# Total Newbie... Near tears.. help!? Transfers not applying correctly.



## lexiandlala (Oct 19, 2009)

I have an illumapress heat press. It's all I could afford.
I have purchased stock transfers from 2 sources and been practicing on tees.

I did 9 tees today and only 2-3 came out right, one had a tiny line that didn't come off onto the tee.

I have followed the websites instructions to the letter, on time, heat.. pressure is hard because it's manual. But it's pretty darn tight when closed.

not all of the ink is coming off onto the tee,you can feel it left on the transfer paper. Or, it's not adhered to the tee fully, like you can pick at it with your fingers.

I'm reading and reading about possible problems,pressure I guess being the main one,or maybe not even temperature across 100% of the press..not sure how to use a thermometer to check that.

Could someone please help me by suggesting what I can check next or try next?

alex


----------



## wormil (Jan 7, 2008)

If you search this site for illumipress, you'll find they have a very, very, poor reputation. I would send it back and save up for something better.

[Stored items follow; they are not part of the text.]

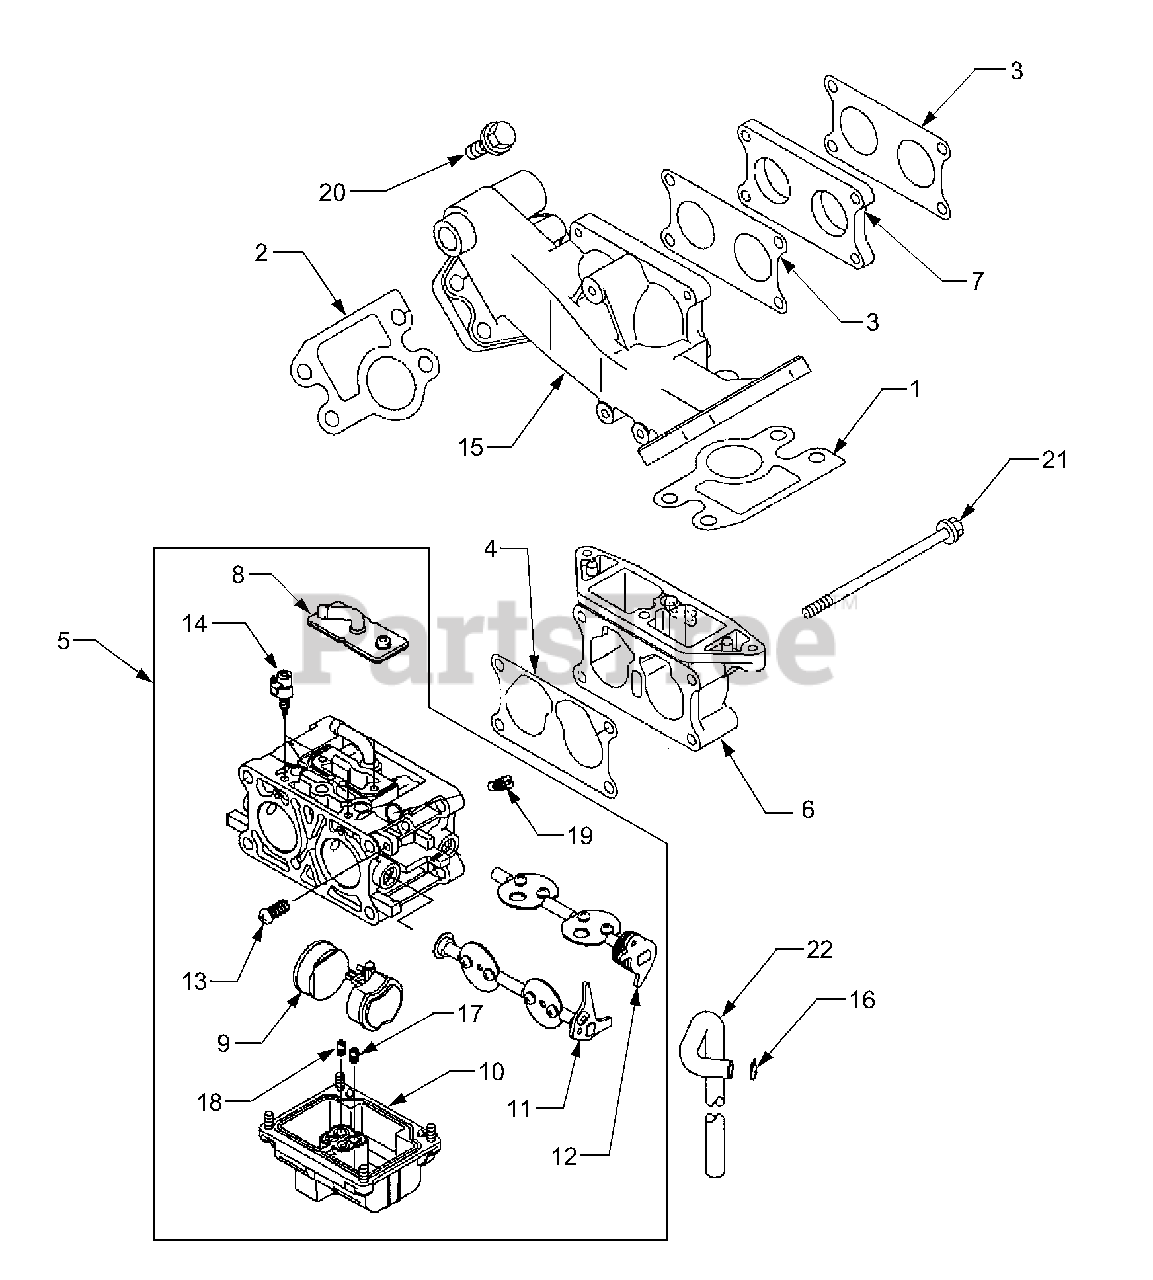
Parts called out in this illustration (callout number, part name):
1	Gasket, Intake Manifold
2	Gasket, Intake Manifold
3	Gasket, Intake Pipe
5	Carburetor Assembly
8	Cover Assembly
9	Float Assembly
10	Chamber, Float
11	Valve Assembly, Throttle
12	Valve Assembly, Choke
13	Screw Assembly
14	Screw Assembly
15	Manifold, Intake
17	Jet, Main, #110
18	Jet, Main, #111.3
19	Jet, Pilot, #45
20	Bolt, Flanged
21	Bolt, Flanged
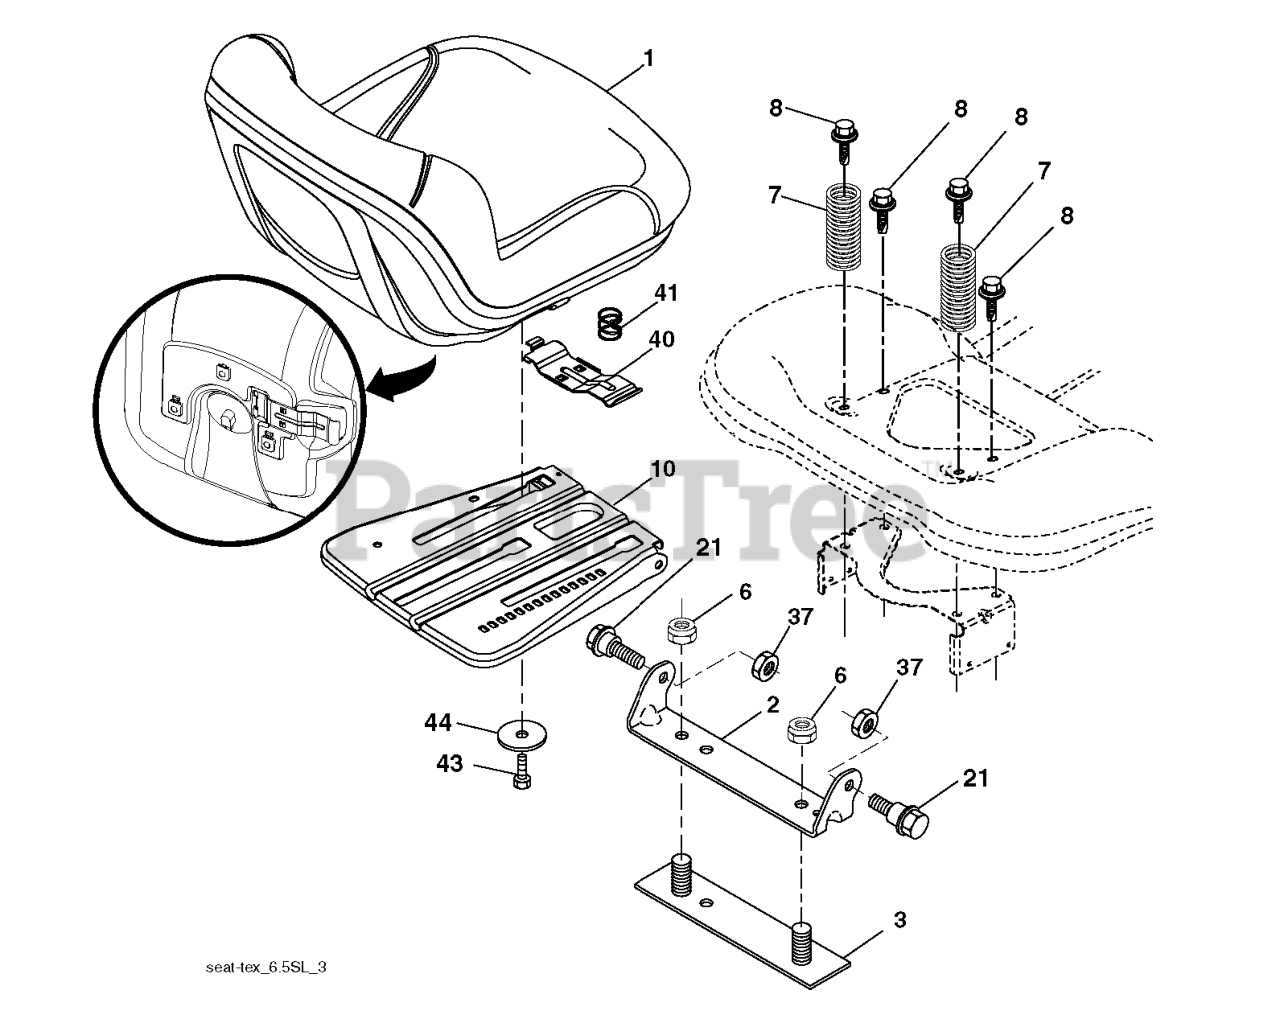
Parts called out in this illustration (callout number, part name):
1	Nut, Keps Blk Hex 1/4-20 UNC
2	CABLE.BATTERY.6GA.16"RED
3	REPL BY 532 12 38-99
5	BRACKET LT
6	SWITCH INTERLOCKT
7	KEEPER, ACTUAT. L.R.
9	KEY MLD GEN DELTA
10	COVER SWITCH KEY
11	NUT, IGNITION
12	IGNITION SWITCH
15	RP.SWITCH.PLUNGER.NC.GRAY
17	FUSE 15 AMP
18	CABLE ASSY
20	NUT
21	LOCKWASHER
22	BOLT
24	TERMINAL COVER
25	REPL BY 532 10 99-46
26	BOLT.HEX.1/4.X.3/4.DICHROMATE
30	NUT
36	Washer, Lock, Internal Tooth 1/4
55	Screw 5/16-18 x 1/2 Hex, Self Tapping 5/16-18 x 1/2
70	ENGINE HARNESS

http://www.t-shirtforums.com/heat-presses-equipment/t63165.html

http://www.t-shirtforums.com/tags/illumapress/


----------



## Steph (Jan 26, 2008)

I disagree that you need to send back your press....I bought a cheap press off Ebay when I started doing transfers, and had the same issue. What I ended up doing was using one of my ruined shirts, cutting the few transfers I had left into smaller bits so I could experiment, and just keep changing variables until one worked. My husband helped, and would write down each combination as I tried it (ie. Heat 395, 15 seconds). Slowly change one variable at a time, and just keep at it until you find the magic numbers for your press. 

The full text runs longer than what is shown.